# figuring the Sikes current?



## flex (Feb 26, 2013)

how can i figure out which way the water will be moving at Bob Sikes? 

is the current based on if the tide is going high or low?


----------



## deeptracks (Oct 2, 2007)

flex said:


> how can i figure out which way the water will be moving at Bob Sikes?
> 
> is the current based on if the tide is going high or low?


both....rising tide, current will be west to east and vice versa...


----------



## Kenton (Nov 16, 2007)

Incoming tide it moves east, outgoing to the west at that location i believe.


----------



## flex (Feb 26, 2013)

okay so saturday 9am is high tide and 8pm is low tide..

so if i show up at 10am and fish all day its gonna be moving east correct?


----------



## lighttackle2fun (Dec 22, 2007)

The water will be heading towards navarre, on incoming high tides. So away from the bridge into open water. When its going to low tide the water will take your bait under the bridges.


----------



## flex (Feb 26, 2013)

okay everyone seems to be in agreement.. now my next question is current speed. what dictates the speed of the current? sometimes if you are bobber fishing you will throw it out there and within a couple minutes the bobber is under the bridge and you gotta toss out again. other times it takes longer.


----------



## lighttackle2fun (Dec 22, 2007)

You have to read tide charts. See how much of a tide swing there is. Then see when it started coming in and when it ends. Its going to change all day long. Fast then slow and fast and slow again and a period of almost no movement in between. 

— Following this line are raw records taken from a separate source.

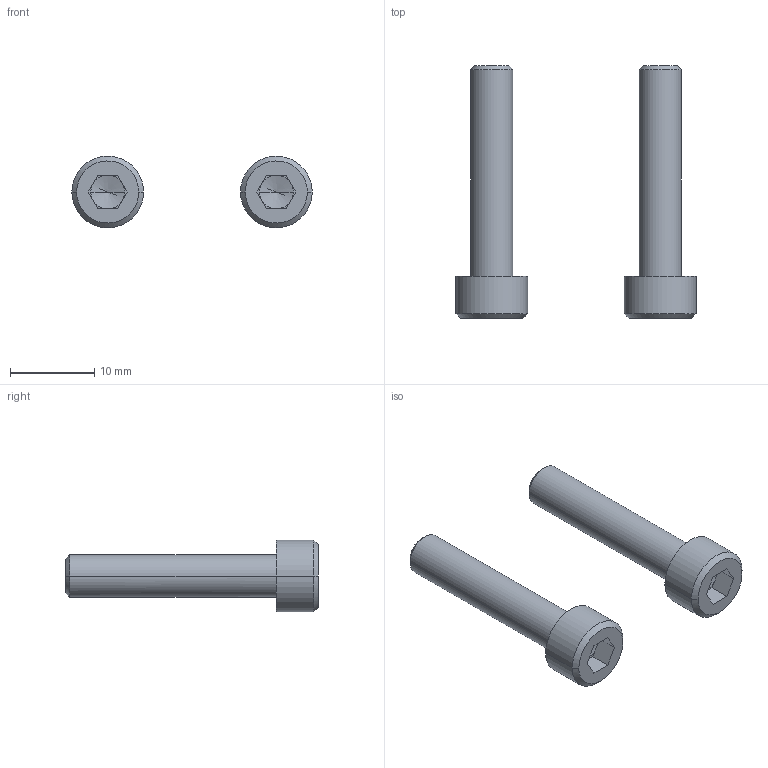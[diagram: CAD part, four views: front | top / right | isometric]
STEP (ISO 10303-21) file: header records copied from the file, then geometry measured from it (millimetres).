
FILE_DESCRIPTION(/* description */ (''),/* implementation_level */ '2;1');
FILE_NAME(/* name */ '7.x-cart#7.1#SUSLB5-25',/* time_stamp */ '2014-12-01T20:17:25+01:00',/* author */ (''),/* organization */ (''),/* preprocessor_version */ 'ST-DEVELOPER v14',/* originating_system */ '',/* authorisation */ '');
FILE_SCHEMA (('AUTOMOTIVE_DESIGN'));
Length unit declared in the file: millimetre
Products named in the file (2): Document; screw DIN912-like, adhesive, M5x25
Assembly tree (2 placements, depth 2):
  Document
    screw DIN912-like, adhesive, M5x25  x2
Bounding box: 28.5 x 30 x 8.49 mm (x, y, z)
Volume: 1468.4 mm3; surface area: 1322.3 mm2
Topology: 2 solids, 2 shells, 50 faces, 112 edges, 66 vertices
Faces by surface type: plane 30, bspline 20
Entity records: 1413 total; most frequent: CARTESIAN_POINT 633, B_SPLINE_CURVE_WITH_KNOTS 126, ORIENTED_EDGE 108, PCURVE 108, DEFINITIONAL_REPRESENTATION 108, SURFACE_CURVE 54, EDGE_CURVE 54, VERTEX_POINT 33

Until you hit the water its impossible to know this. Adjust once you throw a line. Heavier weight or jig if it getting back to you quickly...I always cast the opposite direction of the tide and let the bait come back to me. Natural movement!


----------



## flex (Feb 26, 2013)

i figured the tide swing had a lot to do with it but haven't been able to put 2+2 together and confirm that.


----------